(Stored data)
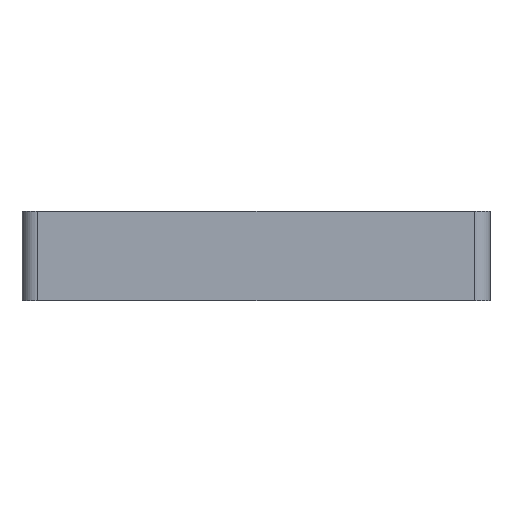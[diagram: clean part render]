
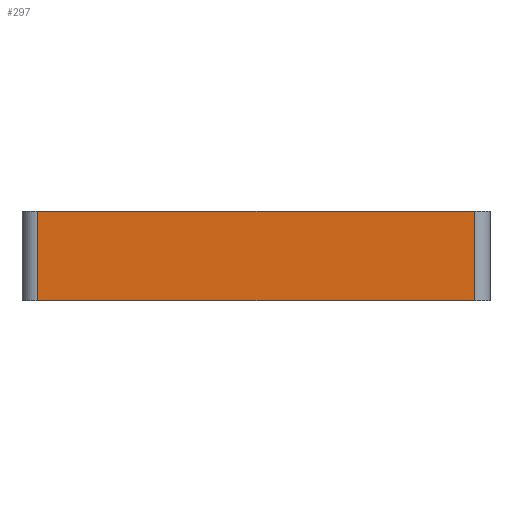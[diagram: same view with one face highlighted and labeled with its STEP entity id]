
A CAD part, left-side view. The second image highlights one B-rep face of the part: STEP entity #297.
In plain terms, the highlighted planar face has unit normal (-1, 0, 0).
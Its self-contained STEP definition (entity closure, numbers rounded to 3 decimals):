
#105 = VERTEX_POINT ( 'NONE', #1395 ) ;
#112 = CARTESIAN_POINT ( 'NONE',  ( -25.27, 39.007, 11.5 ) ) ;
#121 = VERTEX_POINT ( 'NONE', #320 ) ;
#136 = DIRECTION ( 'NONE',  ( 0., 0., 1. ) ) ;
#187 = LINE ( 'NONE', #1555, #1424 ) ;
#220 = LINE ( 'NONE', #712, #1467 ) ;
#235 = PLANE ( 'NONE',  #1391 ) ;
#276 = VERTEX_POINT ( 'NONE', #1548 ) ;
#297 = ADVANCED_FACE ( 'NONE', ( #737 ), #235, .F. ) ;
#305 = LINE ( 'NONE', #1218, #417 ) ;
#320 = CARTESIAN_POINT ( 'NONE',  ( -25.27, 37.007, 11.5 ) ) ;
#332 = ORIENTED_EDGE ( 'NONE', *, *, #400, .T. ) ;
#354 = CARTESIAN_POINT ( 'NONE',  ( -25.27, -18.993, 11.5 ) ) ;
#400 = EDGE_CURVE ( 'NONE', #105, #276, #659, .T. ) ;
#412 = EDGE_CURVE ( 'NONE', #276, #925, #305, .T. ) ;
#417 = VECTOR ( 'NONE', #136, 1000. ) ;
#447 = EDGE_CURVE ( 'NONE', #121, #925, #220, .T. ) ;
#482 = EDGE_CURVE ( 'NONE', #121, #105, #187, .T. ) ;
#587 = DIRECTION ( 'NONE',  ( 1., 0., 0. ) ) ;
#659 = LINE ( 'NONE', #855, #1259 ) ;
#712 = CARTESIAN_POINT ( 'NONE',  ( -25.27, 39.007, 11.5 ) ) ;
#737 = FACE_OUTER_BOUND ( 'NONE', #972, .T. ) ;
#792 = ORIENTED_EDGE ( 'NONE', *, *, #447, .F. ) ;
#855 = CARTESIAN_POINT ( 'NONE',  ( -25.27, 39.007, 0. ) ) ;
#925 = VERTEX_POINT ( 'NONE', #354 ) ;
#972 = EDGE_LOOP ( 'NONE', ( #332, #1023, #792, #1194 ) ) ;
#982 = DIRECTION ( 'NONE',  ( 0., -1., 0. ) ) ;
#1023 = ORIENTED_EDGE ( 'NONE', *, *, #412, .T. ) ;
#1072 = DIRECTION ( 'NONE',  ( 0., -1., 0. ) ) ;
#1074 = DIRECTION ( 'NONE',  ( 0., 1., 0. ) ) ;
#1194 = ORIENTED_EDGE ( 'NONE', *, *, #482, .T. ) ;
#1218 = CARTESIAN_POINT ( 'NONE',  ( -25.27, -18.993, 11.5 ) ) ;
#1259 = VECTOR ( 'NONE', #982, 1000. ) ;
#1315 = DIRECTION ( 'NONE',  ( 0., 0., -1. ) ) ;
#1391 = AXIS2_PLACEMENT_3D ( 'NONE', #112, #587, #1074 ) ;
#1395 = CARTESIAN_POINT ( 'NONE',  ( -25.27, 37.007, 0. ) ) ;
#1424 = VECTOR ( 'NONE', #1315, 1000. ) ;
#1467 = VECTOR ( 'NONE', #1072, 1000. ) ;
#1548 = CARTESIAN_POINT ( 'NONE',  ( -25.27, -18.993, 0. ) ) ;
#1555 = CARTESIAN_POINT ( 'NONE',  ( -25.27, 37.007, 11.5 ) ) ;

EXERCISE:
If an entry holds a picture, skip the picture and print the rest of the data exactly.

TASK RESPONSE:
[diagram: clean part render]
[diagram: same view with one face highlighted and labeled with its STEP entity id]
A CAD part, left-side view. The second image highlights one B-rep face of the part: STEP entity #297.
In plain terms, the highlighted planar face has unit normal (-1, 0, 0).
Its self-contained STEP definition (entity closure, numbers rounded to 3 decimals):
#105 = VERTEX_POINT ( 'NONE', #1395 ) ;
#112 = CARTESIAN_POINT ( 'NONE',  ( -25.27, 39.007, 11.5 ) ) ;
#121 = VERTEX_POINT ( 'NONE', #320 ) ;
#136 = DIRECTION ( 'NONE',  ( 0., 0., 1. ) ) ;
#187 = LINE ( 'NONE', #1555, #1424 ) ;
#220 = LINE ( 'NONE', #712, #1467 ) ;
#235 = PLANE ( 'NONE',  #1391 ) ;
#276 = VERTEX_POINT ( 'NONE', #1548 ) ;
#297 = ADVANCED_FACE ( 'NONE', ( #737 ), #235, .F. ) ;
#305 = LINE ( 'NONE', #1218, #417 ) ;
#320 = CARTESIAN_POINT ( 'NONE',  ( -25.27, 37.007, 11.5 ) ) ;
#332 = ORIENTED_EDGE ( 'NONE', *, *, #400, .T. ) ;
#354 = CARTESIAN_POINT ( 'NONE',  ( -25.27, -18.993, 11.5 ) ) ;
#400 = EDGE_CURVE ( 'NONE', #105, #276, #659, .T. ) ;
#412 = EDGE_CURVE ( 'NONE', #276, #925, #305, .T. ) ;
#417 = VECTOR ( 'NONE', #136, 1000. ) ;
#447 = EDGE_CURVE ( 'NONE', #121, #925, #220, .T. ) ;
#482 = EDGE_CURVE ( 'NONE', #121, #105, #187, .T. ) ;
#587 = DIRECTION ( 'NONE',  ( 1., 0., 0. ) ) ;
#659 = LINE ( 'NONE', #855, #1259 ) ;
#712 = CARTESIAN_POINT ( 'NONE',  ( -25.27, 39.007, 11.5 ) ) ;
#737 = FACE_OUTER_BOUND ( 'NONE', #972, .T. ) ;
#792 = ORIENTED_EDGE ( 'NONE', *, *, #447, .F. ) ;
#855 = CARTESIAN_POINT ( 'NONE',  ( -25.27, 39.007, 0. ) ) ;
#925 = VERTEX_POINT ( 'NONE', #354 ) ;
#972 = EDGE_LOOP ( 'NONE', ( #332, #1023, #792, #1194 ) ) ;
#982 = DIRECTION ( 'NONE',  ( 0., -1., 0. ) ) ;
#1023 = ORIENTED_EDGE ( 'NONE', *, *, #412, .T. ) ;
#1072 = DIRECTION ( 'NONE',  ( 0., -1., 0. ) ) ;
#1074 = DIRECTION ( 'NONE',  ( 0., 1., 0. ) ) ;
#1194 = ORIENTED_EDGE ( 'NONE', *, *, #482, .T. ) ;
#1218 = CARTESIAN_POINT ( 'NONE',  ( -25.27, -18.993, 11.5 ) ) ;
#1259 = VECTOR ( 'NONE', #982, 1000. ) ;
#1315 = DIRECTION ( 'NONE',  ( 0., 0., -1. ) ) ;
#1391 = AXIS2_PLACEMENT_3D ( 'NONE', #112, #587, #1074 ) ;
#1395 = CARTESIAN_POINT ( 'NONE',  ( -25.27, 37.007, 0. ) ) ;
#1424 = VECTOR ( 'NONE', #1315, 1000. ) ;
#1467 = VECTOR ( 'NONE', #1072, 1000. ) ;
#1548 = CARTESIAN_POINT ( 'NONE',  ( -25.27, -18.993, 0. ) ) ;
#1555 = CARTESIAN_POINT ( 'NONE',  ( -25.27, 37.007, 11.5 ) ) ;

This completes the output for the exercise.